## What you should do:
Exclude the pictures and retype the entries as written.
=== Material for the task ===
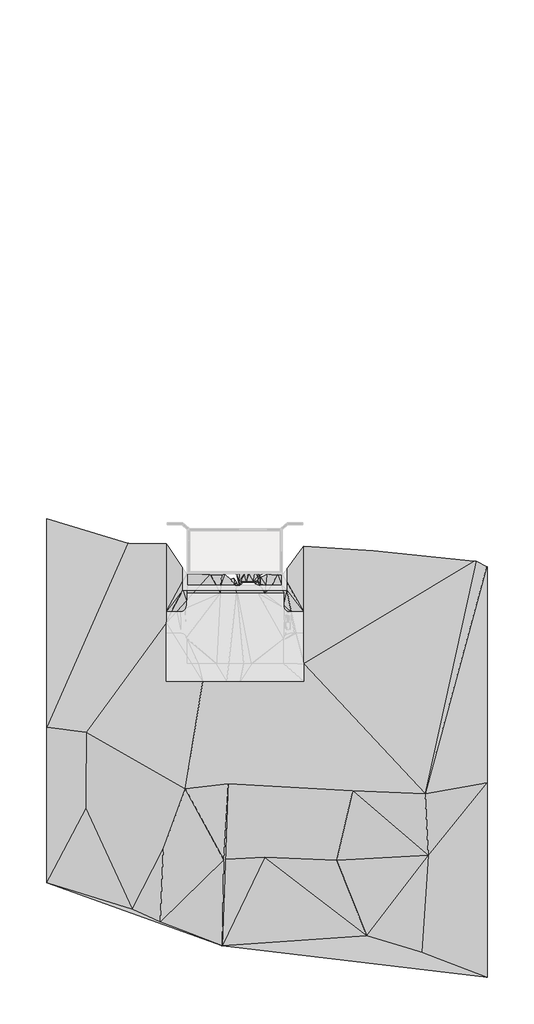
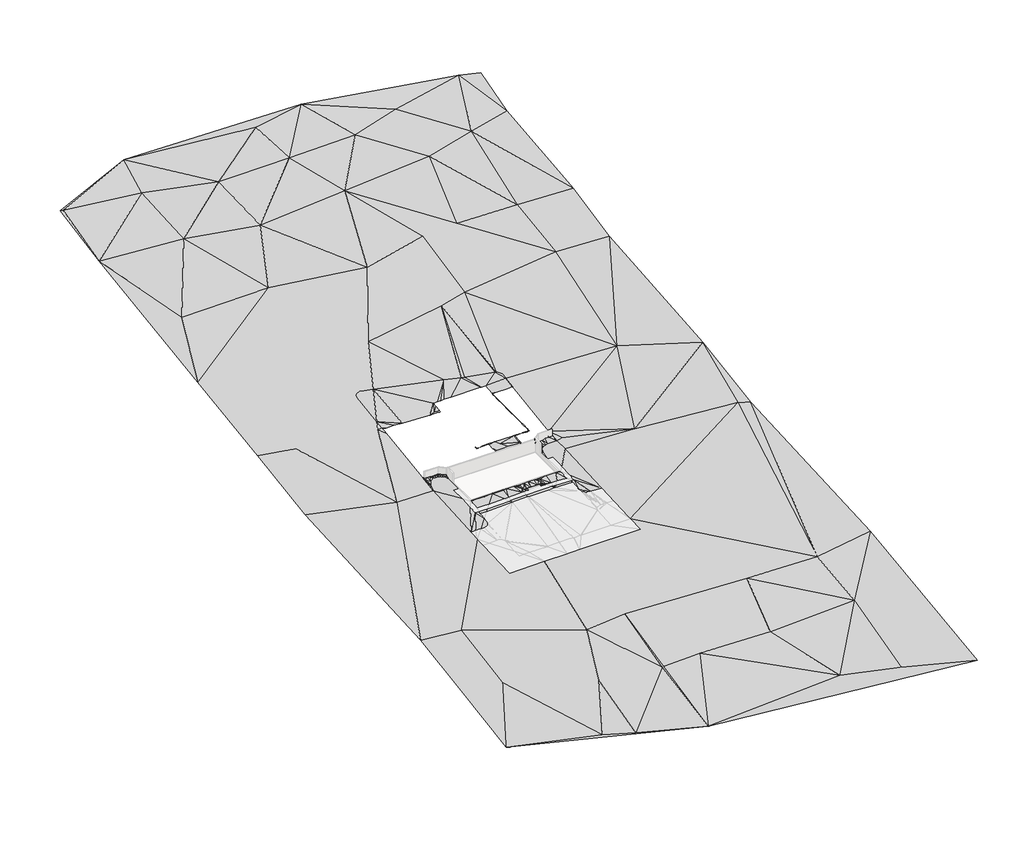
# One storey, part 2 of 2: 2 proxies.
"""IFC4 building model written with IfcOpenShell, lengths in millimetres."""

from ifc_helpers import new_model, si_unit, origin, place, context, project, spatial, triangles, element, save

model = new_model("IFC4")

# Units and contexts
model_context = context("Model", 3, world=origin())
ifc_project = project(units=[si_unit("LENGTHUNIT", "METRE", prefix="MILLI")], contexts=[model_context])

# Site, building, storey
site = spatial("IfcSite", under=ifc_project)
building = spatial("IfcBuilding", under=site)
storey = spatial("IfcBuildingStorey", under=building, Name="T. O. Footing", Elevation=38404.8)

# Proxies
placement = place(None, origin())
element("IfcBuildingElementProxy", 1, Name="Building Element Proxy", at=placement, inside=storey, context=model_context, shape_type="Tessellation", body=[
    triangles([(-65566.3560425, 54771.6940063, 47548.8), (-65566.3560425, 23905.6129211, 43281.6), (-65566.3560425, -345.1837632, 39624.0), (-65566.3560425, -59376.9942993, 36271.2), (-65566.3560425, -80012.2417236, 32918.4), (-65566.3560425, -103024.7161377, 29260.8), (-16088.8167938, -120709.7389893, 29260.8), (58298.9810303, -129683.2563721, 29260.8), (58298.9810303, -100912.8171387, 32918.4), (58298.9810303, -74931.7843872, 36271.2), (58298.9810303, -13804.5701752, 39624.0), (58298.9810303, 10950.1955658, 43281.6), (58298.9810303, 58625.2866943, 47548.8), (58298.9810303, 77099.4381226, 51206.4), (58298.9810303, 111072.8853516, 54864.0), (58298.9810303, 124538.1192627, 58521.6), (53017.0522705, 126513.4126465, 58521.6), (8975.5277252, 130983.2886475, 62179.2), (-42778.1888672, 132098.7461426, 62179.2), (-65566.3560425, 125110.0843506, 58521.6), (-65566.3560425, 105131.4526611, 54864.0), (-65566.3560425, 80665.4483643, 51206.4), (6713.5082382, 23687.6494812, 43454.6964111), (6713.5082382, 22325.9395752, 43281.6), (6713.5082382, 223.4081839, 40127.0669678), (6713.5082382, -3887.1630226, 39624.0), (6713.5082382, -8095.8866501, 39624.0), (6713.5082382, -41502.1365234, 37981.7700073), (6713.5082382, -46447.1509644, 37739.1848145), (-11101.993277, -46447.1509644, 37690.3040771), (-14873.8816498, -46447.1509644, 37697.8082703), (-21667.2100159, -46447.1509644, 37737.7942017), (-31843.6911804, -46447.1509644, 37478.2495789), (-31843.6911804, -29990.7461426, 38210.9304382), (-31843.6911804, -7386.550296, 39624.0), (-31843.6911804, 16710.0009705, 43004.221582), (-31843.6911804, 18912.4676971, 43281.6), (-31843.6911804, 21500.824823, 43679.8408081), (-31843.6911804, 31478.5553284, 45012.8385132), (-31798.0823364, 31884.439856, 45067.9142212), (-31663.5277588, 32270.0791077, 45121.9527832), (-31446.7386658, 32616.2370483, 45172.2520386), (-31158.5306763, 32905.6496155, 45216.3098145), (-30813.279657, 33123.8781555, 45251.9262451), (-30428.2054871, 33260.0396118, 45277.3200439), (-30022.5139709, 33307.3390503, 45291.2308228), (-29616.4434082, 33263.4208008, 45292.9609497), (-26512.2375366, 32570.4468201, 45258.46073), (-8016.3990601, 28441.4779175, 44191.1537842), (-3527.9640175, 27439.4902405, 43913.0963379), (-2630.4894379, 27239.139679, 43841.1611938), (5283.1577545, 25472.5172791, 43671.6366577), (5671.6485764, 25338.478949, 43657.297998), (6020.4005447, 25121.0759399, 43632.0902344), (6311.801944, 24831.2889771, 43597.2784058), (6531.1379745, 24483.7520508, 43554.6251953), (6667.3325684, 24096.0106018, 43506.28396), (-64839.9352661, 124838.4079102, 58521.6), (-57117.6670898, 77534.0581055, 51206.4), (-55581.5050415, 21844.4038513, 43281.6), (-54503.2824829, -82086.8313721, 32918.4), (-54342.5946167, -60669.7386475, 36271.2), (-43589.8276978, 121566.5611084, 58521.6), (-42615.7801758, -7218.9988953, 39624.0), (-41840.7019043, 102995.7132568, 54864.0), (-41419.002063, -110455.8067383, 29260.8), (-33578.3876221, -114053.0383301, 29260.8), (-33188.6648987, 18708.2766724, 43281.6), (-32698.5506287, -93551.2757813, 32918.4), (-31422.1680725, 77804.0602295, 51206.4), (-26498.5802307, -76619.9697144, 36271.2), (-23922.9513977, 116020.1368652, 58521.6), (-21919.3736938, 98427.0525879, 54864.0), (-18777.1213074, 48630.7618652, 47548.8), (-15723.2751526, -96645.5148193, 32918.4), (-15214.353891, -96499.6911621, 32918.4), (-14444.5799469, -75188.0199097, 36271.2), (-4898.8998138, 73072.0188354, 51206.4), (-4245.1559967, -95922.5542969, 32918.4), (-6256.2099884, 127792.3206299, 62179.2), (-3081.402903, 116177.27146, 58521.6), (5530.8839127, 53157.6994995, 47548.8), (8597.6874161, -3404.4724274, 39624.0), (13741.8135406, 55510.3093872, 47548.8), (14294.2170319, 77841.5184082, 51206.4), (16111.8177155, -96765.0703125, 32918.4), (16778.9955963, 116699.7791016, 58521.6), (20526.1866394, -77143.9051758, 36271.2), (24450.7540649, -117898.989624, 29260.8), (24757.4772034, 78625.340332, 51206.4), (26513.2118958, -9307.6138504, 39624.0), (30977.6905518, 103466.15896, 54864.0), (31363.5669983, 121416.2819092, 58521.6), (38557.1930237, 20583.5877869, 43281.6), (39910.326709, -122583.6339111, 29260.8), (40883.1603516, -77986.4165405, 36271.2), (41787.3144653, -95345.6499756, 32918.4), (42279.0797974, 77952.17677, 51206.4), (42879.2524658, 59430.5491699, 47548.8), (45842.480896, 107756.8738037, 54864.0), (55328.1716675, -12321.6362732, 39624.0), (4529.1581383, 100946.601123, 54864.0)], [[6, 61, 5], [61, 6, 66], [5, 61, 62], [66, 67, 69], [67, 66, 6], [69, 67, 75], [66, 69, 61], [6, 7, 67], [62, 61, 71], [3, 4, 64], [62, 4, 5], [34, 64, 4], [68, 64, 36], [4, 62, 34], [33, 34, 62], [3, 64, 60], [33, 62, 71], [68, 60, 64], [71, 61, 69], [32, 71, 77], [75, 67, 7], [71, 69, 75], [75, 76, 77], [76, 75, 7], [29, 30, 77], [75, 77, 71], [79, 77, 76], [32, 77, 31], [37, 38, 68], [35, 36, 64], [64, 34, 35], [30, 31, 77], [36, 37, 68], [76, 7, 79], [32, 33, 71], [60, 68, 38], [70, 59, 1], [60, 1, 2], [1, 59, 22], [60, 39, 40], [60, 38, 39], [1, 60, 41], [2, 3, 60], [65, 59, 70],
===
## Answer space:
# One storey, part 2 of 2: 2 proxies.
"""IFC4 building model written with IfcOpenShell, lengths in millimetres."""

from ifc_helpers import new_model, si_unit, origin, place, context, project, spatial, triangles, element, save

model = new_model("IFC4")

# Units and contexts
model_context = context("Model", 3, world=origin())
ifc_project = project(units=[si_unit("LENGTHUNIT", "METRE", prefix="MILLI")], contexts=[model_context])

# Site, building, storey
site = spatial("IfcSite", under=ifc_project)
building = spatial("IfcBuilding", under=site)
storey = spatial("IfcBuildingStorey", under=building, Name="T. O. Footing", Elevation=38404.8)

# Proxies
placement = place(None, origin())
element("IfcBuildingElementProxy", 1, Name="Building Element Proxy", at=placement, inside=storey, context=model_context, shape_type="Tessellation", body=[
    triangles([(-65566.3560425, 54771.6940063, 47548.8), (-65566.3560425, 23905.6129211, 43281.6), (-65566.3560425, -345.1837632, 39624.0), (-65566.3560425, -59376.9942993, 36271.2), (-65566.3560425, -80012.2417236, 32918.4), (-65566.3560425, -103024.7161377, 29260.8), (-16088.8167938, -120709.7389893, 29260.8), (58298.9810303, -129683.2563721, 29260.8), (58298.9810303, -100912.8171387, 32918.4), (58298.9810303, -74931.7843872, 36271.2), (58298.9810303, -13804.5701752, 39624.0), (58298.9810303, 10950.1955658, 43281.6), (58298.9810303, 58625.2866943, 47548.8), (58298.9810303, 77099.4381226, 51206.4), (58298.9810303, 111072.8853516, 54864.0), (58298.9810303, 124538.1192627, 58521.6), (53017.0522705, 126513.4126465, 58521.6), (8975.5277252, 130983.2886475, 62179.2), (-42778.1888672, 132098.7461426, 62179.2), (-65566.3560425, 125110.0843506, 58521.6), (-65566.3560425, 105131.4526611, 54864.0), (-65566.3560425, 80665.4483643, 51206.4), (6713.5082382, 23687.6494812, 43454.6964111), (6713.5082382, 22325.9395752, 43281.6), (6713.5082382, 223.4081839, 40127.0669678), (6713.5082382, -3887.1630226, 39624.0), (6713.5082382, -8095.8866501, 39624.0), (6713.5082382, -41502.1365234, 37981.7700073), (6713.5082382, -46447.1509644, 37739.1848145), (-11101.993277, -46447.1509644, 37690.3040771), (-14873.8816498, -46447.1509644, 37697.8082703), (-21667.2100159, -46447.1509644, 37737.7942017), (-31843.6911804, -46447.1509644, 37478.2495789), (-31843.6911804, -29990.7461426, 38210.9304382), (-31843.6911804, -7386.550296, 39624.0), (-31843.6911804, 16710.0009705, 43004.221582), (-31843.6911804, 18912.4676971, 43281.6), (-31843.6911804, 21500.824823, 43679.8408081), (-31843.6911804, 31478.5553284, 45012.8385132), (-31798.0823364, 31884.439856, 45067.9142212), (-31663.5277588, 32270.0791077, 45121.9527832), (-31446.7386658, 32616.2370483, 45172.2520386), (-31158.5306763, 32905.6496155, 45216.3098145), (-30813.279657, 33123.8781555, 45251.9262451), (-30428.2054871, 33260.0396118, 45277.3200439), (-30022.5139709, 33307.3390503, 45291.2308228), (-29616.4434082, 33263.4208008, 45292.9609497), (-26512.2375366, 32570.4468201, 45258.46073), (-8016.3990601, 28441.4779175, 44191.1537842), (-3527.9640175, 27439.4902405, 43913.0963379), (-2630.4894379, 27239.139679, 43841.1611938), (5283.1577545, 25472.5172791, 43671.6366577), (5671.6485764, 25338.478949, 43657.297998), (6020.4005447, 25121.0759399, 43632.0902344), (6311.801944, 24831.2889771, 43597.2784058), (6531.1379745, 24483.7520508, 43554.6251953), (6667.3325684, 24096.0106018, 43506.28396), (-64839.9352661, 124838.4079102, 58521.6), (-57117.6670898, 77534.0581055, 51206.4), (-55581.5050415, 21844.4038513, 43281.6), (-54503.2824829, -82086.8313721, 32918.4), (-54342.5946167, -60669.7386475, 36271.2), (-43589.8276978, 121566.5611084, 58521.6), (-42615.7801758, -7218.9988953, 39624.0), (-41840.7019043, 102995.7132568, 54864.0), (-41419.002063, -110455.8067383, 29260.8), (-33578.3876221, -114053.0383301, 29260.8), (-33188.6648987, 18708.2766724, 43281.6), (-32698.5506287, -93551.2757813, 32918.4), (-31422.1680725, 77804.0602295, 51206.4), (-26498.5802307, -76619.9697144, 36271.2), (-23922.9513977, 116020.1368652, 58521.6), (-21919.3736938, 98427.0525879, 54864.0), (-18777.1213074, 48630.7618652, 47548.8), (-15723.2751526, -96645.5148193, 32918.4), (-15214.353891, -96499.6911621, 32918.4), (-14444.5799469, -75188.0199097, 36271.2), (-4898.8998138, 73072.0188354, 51206.4), (-4245.1559967, -95922.5542969, 32918.4), (-6256.2099884, 127792.3206299, 62179.2), (-3081.402903, 116177.27146, 58521.6), (5530.8839127, 53157.6994995, 47548.8), (8597.6874161, -3404.4724274, 39624.0), (13741.8135406, 55510.3093872, 47548.8), (14294.2170319, 77841.5184082, 51206.4), (16111.8177155, -96765.0703125, 32918.4), (16778.9955963, 116699.7791016, 58521.6), (20526.1866394, -77143.9051758, 36271.2), (24450.7540649, -117898.989624, 29260.8), (24757.4772034, 78625.340332, 51206.4), (26513.2118958, -9307.6138504, 39624.0), (30977.6905518, 103466.15896, 54864.0), (31363.5669983, 121416.2819092, 58521.6), (38557.1930237, 20583.5877869, 43281.6), (39910.326709, -122583.6339111, 29260.8), (40883.1603516, -77986.4165405, 36271.2), (41787.3144653, -95345.6499756, 32918.4), (42279.0797974, 77952.17677, 51206.4), (42879.2524658, 59430.5491699, 47548.8), (45842.480896, 107756.8738037, 54864.0), (55328.1716675, -12321.6362732, 39624.0), (4529.1581383, 100946.601123, 54864.0)], [[6, 61, 5], [61, 6, 66], [5, 61, 62], [66, 67, 69], [67, 66, 6], [69, 67, 75], [66, 69, 61], [6, 7, 67], [62, 61, 71], [3, 4, 64], [62, 4, 5], [34, 64, 4], [68, 64, 36], [4, 62, 34], [33, 34, 62], [3, 64, 60], [33, 62, 71], [68, 60, 64], [71, 61, 69], [32, 71, 77], [75, 67, 7], [71, 69, 75], [75, 76, 77], [76, 75, 7], [29, 30, 77], [75, 77, 71], [79, 77, 76], [32, 77, 31], [37, 38, 68], [35, 36, 64], [64, 34, 35], [30, 31, 77], [36, 37, 68], [76, 7, 79], [32, 33, 71], [60, 68, 38], [70, 59, 1], [60, 1, 2], [1, 59, 22], [60, 39, 40], [60, 38, 39], [1, 60, 41], [2, 3, 60], [65, 59, 70],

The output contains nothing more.